That tone warned Mural, suggesting that the sinister man before him might be trying to deceive him, but Veronica hadn't deserved the musket ball in her back.

"Forgiveness," Mural said.

"Do you actually believe you know what that is any longer?"

"For her," Mural stated, his hulking frame sulking, pointing at Veronica's body.

The figure pondered with it's eyes over it's shoulder as if it was fleeing. The shadows shifted unnaturally around the silhouette's dreary robes, seemingly reaching for Mural. The movement fully unveiled the figure's blood red eyes. The skin around the figure's eyes was sunken, coarse and old, with wrinkles that webbed along charred flesh.

"Dear God, this thing is evil," Mural declared in his head.

The whispers from the orb finally pieced together in a vibrating mutter that shivered down Mural's spine. It's words came as an impression rather than a voice.

"Run," the blue orb pleaded, "Please run. He is a great deceiver."

Time seemed to speed up as this demon, yes a demon, began to speak.

"How do you plan to do this?" The demon asked.

"Allow her to live and I'll do what you ask.

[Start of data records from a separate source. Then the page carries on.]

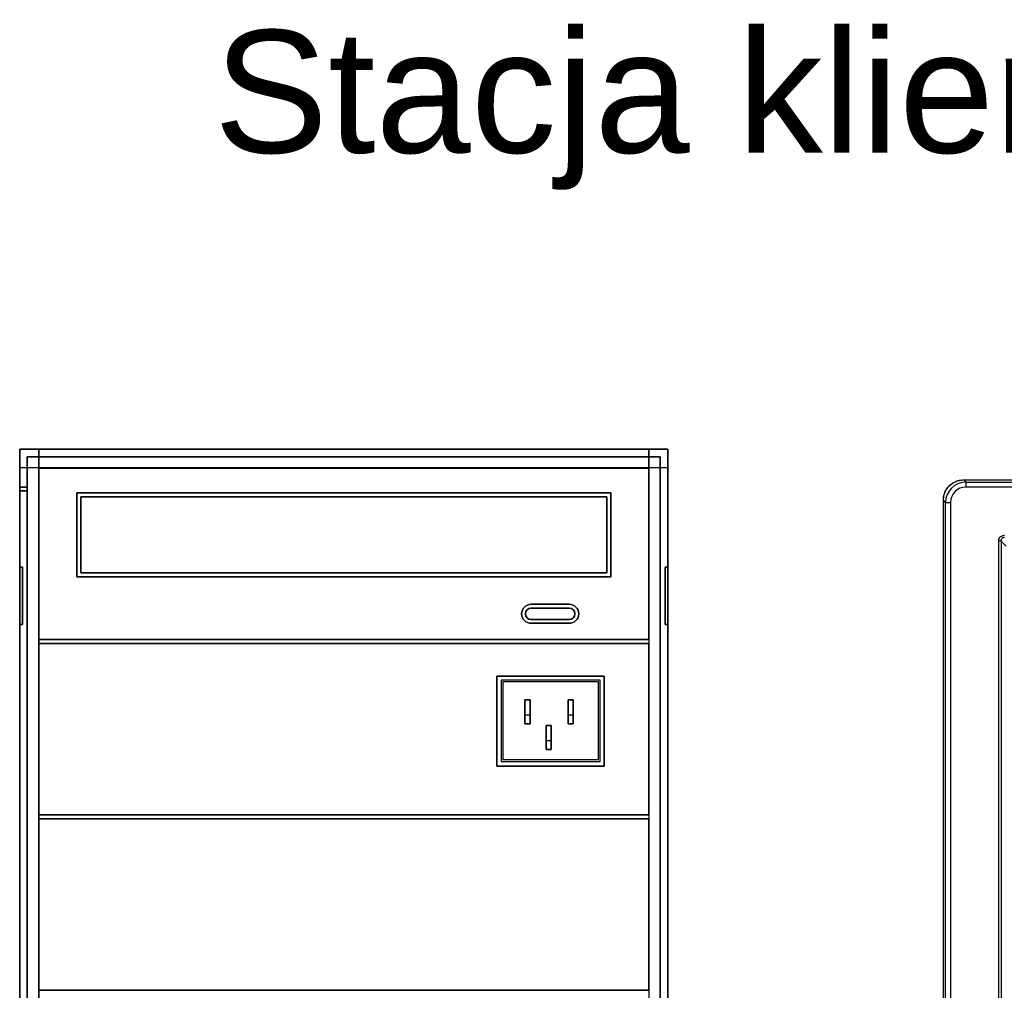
# Model space of a CAD drawing. Header units: millimetres. Extents: x -7023 to 53801, y 9849 to 33561.
# Tile 529 of 537: x 36427 to 36660, y 27210 to 27440. Entities that reach past the tile are written whole.
import ezdxf

# ---------------------------------------------------------------- set-up
doc = ezdxf.new("R2010")
doc.units = ezdxf.units.MM
doc.layers.get('0').update_dxf_attribs({"lineweight": 9})
doc.layers.add('IE_SKD', color=6, linetype='Continuous')
doc.styles.get("Standard").update_dxf_attribs({"font": 'arial.ttf'})

# ---------------------------------------------------------------- blocks, each defined once
blk = doc.blocks.new('AAT_KLIENT_PC')
at = {"extrusion": (0, 1, 0)}
for p, q in [((0, 1980, 1845), (0, 2025, 1845)), ((0, 2025, 1845), (765, 2025, 1845)), ((0, 2025, 1845), (765, 2025, 1845)), ((0, 1980, 1845), (0, 2025, 1845)), ((22.5, 2025, 1980.7), (0, 2025, 1980.7)), ((0, 2025, 1845), (0, 2025, 1980.7)), ((0, 0, 1845), (0, 2025, 1845)), ((22.5, 2025, 1980.7), (0, 2025, 1980.7)), ((0, 2025, 1845), (22.5, 2025, 1845)), ((0, 2025, 1845), (0, 2025, 1980.7)), ((0, 0, 1845), (0, 2025, 1845)), ((0, 2025, 1845), (22.5, 2025, 1845)), ((0, 2025), (0, 1980)), ((0, 2025), (765, 2025)), ((0, 2025), (0, 1980)), ((0, 2025), (765, 2025)), ((0, 2025), (0, 2025, 1845)), ((0, 2025), (0, 2025, 1845)), ((22.5, 2025, 1845), (22.5, 2025, 1980.7)), ((22.5, 2025, 1845), (22.5, 0, 1845)), ((22.5, 2025, 1845), (22.5, 2025, 1980.7)), ((22.5, 2025, 1845), (22.5, 0, 1845)), ((742.5, 2025, 1980.7), (22.5, 2025, 1980.7)), ((742.5, 2025, 1980.7), (22.5, 2025, 1980.7)), ((22.5, 2025, 1845), (742.5, 2025, 1845)), ((22.5, 2025, 1980.7), (22.5, 2025, 1845)), ((22.5, 2025, 1980.7), (22.5, 2025, 1845)), ((22.5, 2025, 1845), (22.5, 2002.5, 1845)), ((22.5, 2025, 1845), (22.5, 2002.5, 1845)), ((22.5, 2025, 1845), (742.5, 2025, 1845)), ((765, 2025, 1980.7), (742.5, 2025, 1980.7)), ((765, 2025, 1980.7), (742.5, 2025, 1980.7)), ((742.5, 2025, 1845), (765, 2025, 1845)), ((742.5, 2025, 1980.7), (742.5, 2025, 1845)), ((742.5, 2025, 1980.7), (742.5, 2025, 1845)), ((742.5, 2025, 1845), (765, 2025, 1845)), ((742.5, 2025, 1845), (742.5, 0, 1845)), ((742.5, 2025, 1845), (742.5, 0, 1845)), ((742.5, 2002.5, 1845), (742.5, 2025, 1845)), ((742.5, 2025, 1845), (742.5, 2025, 1980.7)), ((742.5, 2025, 1845), (742.5, 2025, 1980.7)), ((742.5, 2002.5, 1845), (742.5, 2025, 1845)), ((765, 2025, 1845), (765, 2025, 1980.7)), ((765, 2025, 1845), (765, 2025, 1980.7)), ((765, 2025, 1845), (765, 0, 1845)), ((765, 2025, 1845), (765, 0, 1845)), ((765, 2025, 1845), (765, 0, 1845)), ((765, 2025, 1845), (765, 0, 1845)), ((765, 2025), (765, 0)), ((765, 2025), (765, 0)), ((765, 2025), (765, 2025, 1845)), ((765, 2025), (765, 2025, 1845)), ((756, 2016, 1845), (9, 2016, 1845)), ((9, 2016, 1845), (9, 1980, 1845)), ((9, 2016, 1845), (9, 1980, 1845)), ((756, 2016, 1845), (9, 2016, 1845)), ((9, 2016), (756, 2016)), ((9, 1980), (9, 2016)), ((9, 2016), (756, 2016)), ((9, 1980), (9, 2016)), ((9, 2016, 9), (9, 2016)), ((9, 2016, 9), (756, 2016, 9)), ((756, 2016), (9, 2016)), ((9, 9, 9), (9, 2016, 9)), ((9, 2016, 9), (9, 2016)), ((9, 2016), (9, 9)), ((9, 2016), (9, 2016, 1845)), ((9, 2016), (9, 2016, 1845)), ((756, 9, 1845), (756, 2016, 1845)), ((756, 9, 1845), (756, 2016, 1845)), ((756, 9), (756, 2016)), ((756, 9), (756, 2016)), ((756, 2016, 9), (756, 9, 9)), ((756, 9), (756, 2016)), ((756, 2016, 9), (756, 2016)), ((756, 2016, 9), (756, 2016)), ((756, 2016), (756, 2016, 1845)), ((756, 2016), (756, 2016, 1845)), ((0, 2003.2, 2003.1), (22.5, 2003.2, 2003.1)), ((0, 2003.2, 2003.1), (0, 1269, 2025)), ((0, 2003.2, 2003.1), (22.5, 2003.2, 2003.1)), ((0, 2003.2, 2003.1), (0, 1269, 2025)), ((22.5, 1269, 2025), (22.5, 2003.2, 2003.1)), ((22.5, 1269, 2025), (22.5, 2003.2, 2003.1)), ((22.5, 2003.2, 2003.1), (742.5, 2003.2, 2003.1)), ((22.5, 2003.2, 2003.1), (742.5, 2003.2, 2003.1)), ((22.5, 2003.2, 2003.1), (22.5, 2002.5, 2003.2)), ((22.5, 2003.2, 2003.1), (22.5, 2002.5, 2003.2)), ((22.5, 2002.5, 1957.5), (742.5, 2002.5, 1957.5)), ((22.5, 1800, 1957.5), (22.5, 2002.5, 1957.5)), ((22.5, 2002.5, 1935), (22.5, 1800, 1935)), ((742.5, 2002.5, 1935), (22.5, 2002.5, 1935)), ((22.5, 2002.5, 1957.5), (22.5, 2002.5, 1935)), ((22.5, 2002.5, 1957.5), (742.5, 2002.5, 1957.5)), ((742.5, 2002.5, 1935), (22.5, 2002.5, 1935)), ((22.5, 1800, 1957.5), (22.5, 2002.5, 1957.5)), ((22.5, 2002.5, 1957.5), (22.5, 2002.5, 1935)), ((22.5, 2002.5, 1935), (22.5, 1800, 1935)), ((22.5, 2002.5, 2003.2), (742.5, 2002.5, 2003.2)), ((22.5, 2002.5, 2003.2), (742.5, 2002.5, 2003.2)), ((22.5, 2002.5, 1845), (22.5, 2002.5, 2003.2)), ((742.5, 2002.5, 1845), (22.5, 2002.5, 1845)), ((22.5, 2002.5, 1845), (22.5, 2002.5, 2003.2)), ((742.5, 2002.5, 1845), (22.5, 2002.5, 1845)), ((742.5, 2003.2, 2003.1), (765, 2003.2, 2003.1)), ((742.5, 2003.2, 2003.1), (765, 2003.2, 2003.1)), ((742.5, 2003.2, 2003.1), (742.5, 1269, 2025)), ((742.5, 2003.2, 2003.1), (742.5, 1269, 2025)), ((742.5, 2002.5, 2003.2), (742.5, 2003.2, 2003.1)), ((742.5, 2002.5, 2003.2), (742.5, 2003.2, 2003.1)), ((742.5, 2002.5, 1957.5), (742.5, 1800, 1957.5)), ((742.5, 1800, 1935), (742.5, 2002.5, 1935)), ((742.5, 2002.5, 1957.5), (742.5, 2002.5, 1935)), ((742.5, 2002.5, 1957.5), (742.5, 2002.5, 1935)), ((742.5, 2002.5, 1957.5), (742.5, 1800, 1957.5)), ((742.5, 1800, 1935), (742.5, 2002.5, 1935)), ((742.5, 2002.5, 1845), (742.5, 2002.5, 2003.2)), ((742.5, 2002.5, 1845), (742.5, 2002.5, 2003.2)), ((765, 1269, 2025), (765, 2003.2, 2003.1)), ((765, 1269, 2025), (765, 2003.2, 2003.1)), ((9, 1980, 1845), (0, 1980, 1845)), ((9, 1980, 1845), (0, 1980, 1845)), ((0, 1980), (9, 1980)), ((0, 1980), (9, 1980)), ((0, 1980), (0, 1980, 1845)), ((0, 1980), (0, 1980, 1845)), ((0, 49.5, 1845), (0, 1975.5, 1845)), ((0, 1975.5, 1845), (9, 1975.5, 1845)), ((0, 49.5, 1845), (0, 1975.5, 1845)), ((0, 1975.5, 1845), (9, 1975.5, 1845)), ((0, 1975.5), (0, 49.5)), ((0, 1975.5), (0, 49.5)), ((9, 1975.5), (0, 1975.5)), ((9, 1975.5), (0, 1975.5)), ((0, 1975.5, 1845), (0, 1975.5)), ((0, 1975.5, 1845), (0, 1975.5)), ((9, 1980), (9, 1980, 1845)), ((9, 1980), (9, 1980, 1845)), ((9, 1975.5, 1845), (9, 49.5, 1845)), ((9, 1975.5, 1845), (9, 49.5, 1845)), ((9, 49.5), (9, 1975.5)), ((9, 49.5), (9, 1975.5)), ((9, 1975.5, 1845), (9, 1975.5)), ((9, 1975.5, 1845), (9, 1975.5)), ((67.5, 1973.2, 1957.5), (67.5, 1973.2, 1935)), ((697.5, 1973.2, 1935), (67.5, 1973.2, 1935)), ((67.5, 1973.2, 1957.5), (697.5, 1973.2, 1957.5)), ((67.5, 1973.2, 1935), (67.5, 1874.2, 1935)), ((67.5, 1973.2, 1957.5), (67.5, 1973.2, 1935)), ((67.5, 1874.2, 1957.5), (67.5, 1973.2, 1957.5)), ((67.5, 1973.2, 1957.5), (697.5, 1973.2, 1957.5)), ((67.5, 1874.2, 1957.5), (67.5, 1973.2, 1957.5)), ((697.5, 1973.2, 1935), (67.5, 1973.2, 1935)), ((67.5, 1973.2, 1935), (67.5, 1874.2, 1935)), ((72, 1968.8, 1966.5), (72, 1878.7, 1966.5)), ((693, 1968.8, 1966.5), (72, 1968.8, 1966.5)), ((72, 1878.7, 1944), (72, 1968.8, 1944)), ((72, 1968.8, 1944), (693, 1968.8, 1944)), ((72, 1968.8, 1944), (693, 1968.8, 1944)), ((72, 1968.8, 1966.5), (72, 1968.8, 1944)), ((693, 1968.8, 1966.5), (72, 1968.8, 1966.5)), ((72, 1968.8, 1966.5), (72, 1968.8, 1944)), ((72, 1878.7, 1944), (72, 1968.8, 1944)), ((72, 1968.8, 1966.5), (72, 1878.7, 1966.5)), ((693, 1878.7, 1966.5), (693, 1968.8, 1966.5)), ((693, 1968.8, 1944), (693, 1878.7, 1944)), ((693, 1968.8, 1966.5), (693, 1968.8, 1944)), ((693, 1968.8, 1944), (693, 1878.7, 1944)), ((693, 1968.8, 1966.5), (693, 1968.8, 1944)), ((693, 1878.7, 1966.5), (693, 1968.8, 1966.5)), ((697.5, 1973.2, 1957.5), (697.5, 1973.2, 1935)), ((697.5, 1973.2, 1957.5), (697.5, 1973.2, 1935)), ((697.5, 1874.2, 1935), (697.5, 1973.2, 1935)), ((697.5, 1973.2, 1957.5), (697.5, 1874.2, 1957.5)), ((697.5, 1973.2, 1957.5), (697.5, 1874.2, 1957.5)), ((697.5, 1874.2, 1935), (697.5, 1973.2, 1935)), ((0, 1885.5, 123.7), (3.2, 1885.5, 123.7)), ((3.2, 1885.5, 1721.2), (0, 1885.5, 1721.2)), ((0, 1885.5, 123.7), (0, 1885.5, 1721.2)), ((0, 1885.5, 123.7), (3.2, 1885.5, 123.7)), ((3.2, 1885.5, 1721.2), (0, 1885.5, 1721.2)), ((0, 1885.5, 123.7), (0, 1885.5, 1721.2)), ((3.2, 1885.5, 1721.2), (3.2, 1885.5, 123.7)), ((3.2, 1885.5, 1721.2), (3.2, 1885.5, 123.7)), ((761.8, 1885.5, 123.7), (765, 1885.5, 123.7)), ((765, 1885.5, 1721.2), (761.8, 1885.5, 1721.2)), ((761.8, 1885.5, 1721.2), (761.8, 1885.5, 123.7)), ((761.8, 1885.5, 1721.2), (761.8, 1885.5, 123.7)), ((761.8, 1885.5, 123.7), (765, 1885.5, 123.7)), ((765, 1885.5, 1721.2), (761.8, 1885.5, 1721.2)), ((765, 1885.5, 1721.2), (765, 1885.5, 123.7)), ((765, 1885.5, 1721.2), (765, 1885.5, 123.7)), ((67.5, 1874.2, 1957.5), (67.5, 1874.2, 1935)), ((67.5, 1874.2, 1935), (697.5, 1874.2, 1935)), ((67.5, 1874.2, 1957.5), (67.5, 1874.2, 1935)), ((697.5, 1874.2, 1957.5), (67.5, 1874.2, 1957.5)), ((697.5, 1874.2, 1957.5), (67.5, 1874.2, 1957.5)), ((67.5, 1874.2, 1935), (697.5, 1874.2, 1935)), ((72, 1878.7, 1966.5), (693, 1878.7, 1966.5)), ((693, 1878.7, 1944), (72, 1878.7, 1944)), ((72, 1878.7, 1966.5), (72, 1878.7, 1944)), ((693, 1878.7, 1944), (72, 1878.7, 1944)), ((72, 1878.7, 1966.5), (693, 1878.7, 1966.5)), ((72, 1878.7, 1966.5), (72, 1878.7, 1944)), ((620, 1874.2, 114), (506.9, 1874.2, 114)), ((620, 1874.2), (506.9, 1874.2)), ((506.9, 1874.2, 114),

You're obviously here for me."

"What makes you think that? What makes you think I can do these outlandish things you ask?"

"I do not know what you are, but the sphere does, and it speaks to me. You come at this terrible time with such theatrics that you must have some influence. This is no coincidence."

"Well, at least you are right about the orb, it does tend to babble," the demon hoarsely chuckled.

Everything noble within Mural seemed to compile on his lips without any thought to himself. Mural began to feel human again.

"I will agree. Deal." The dark demon spoke so quickly that Mural got his second hint of a mistake. "Kneel," it ordered. Its blood red eyes ached, glaring deeply into Mural's eyes, "Time is of the essence."

Mural lowered his massive frame to his knees as the blue orb still quivered on the palm of the dark hand before him. Clouds of baleful cries poured from the sphere and pilfered Mural's psyche telling him that he was making a grave mistake, but his love for Veronica still clung and itched to exist.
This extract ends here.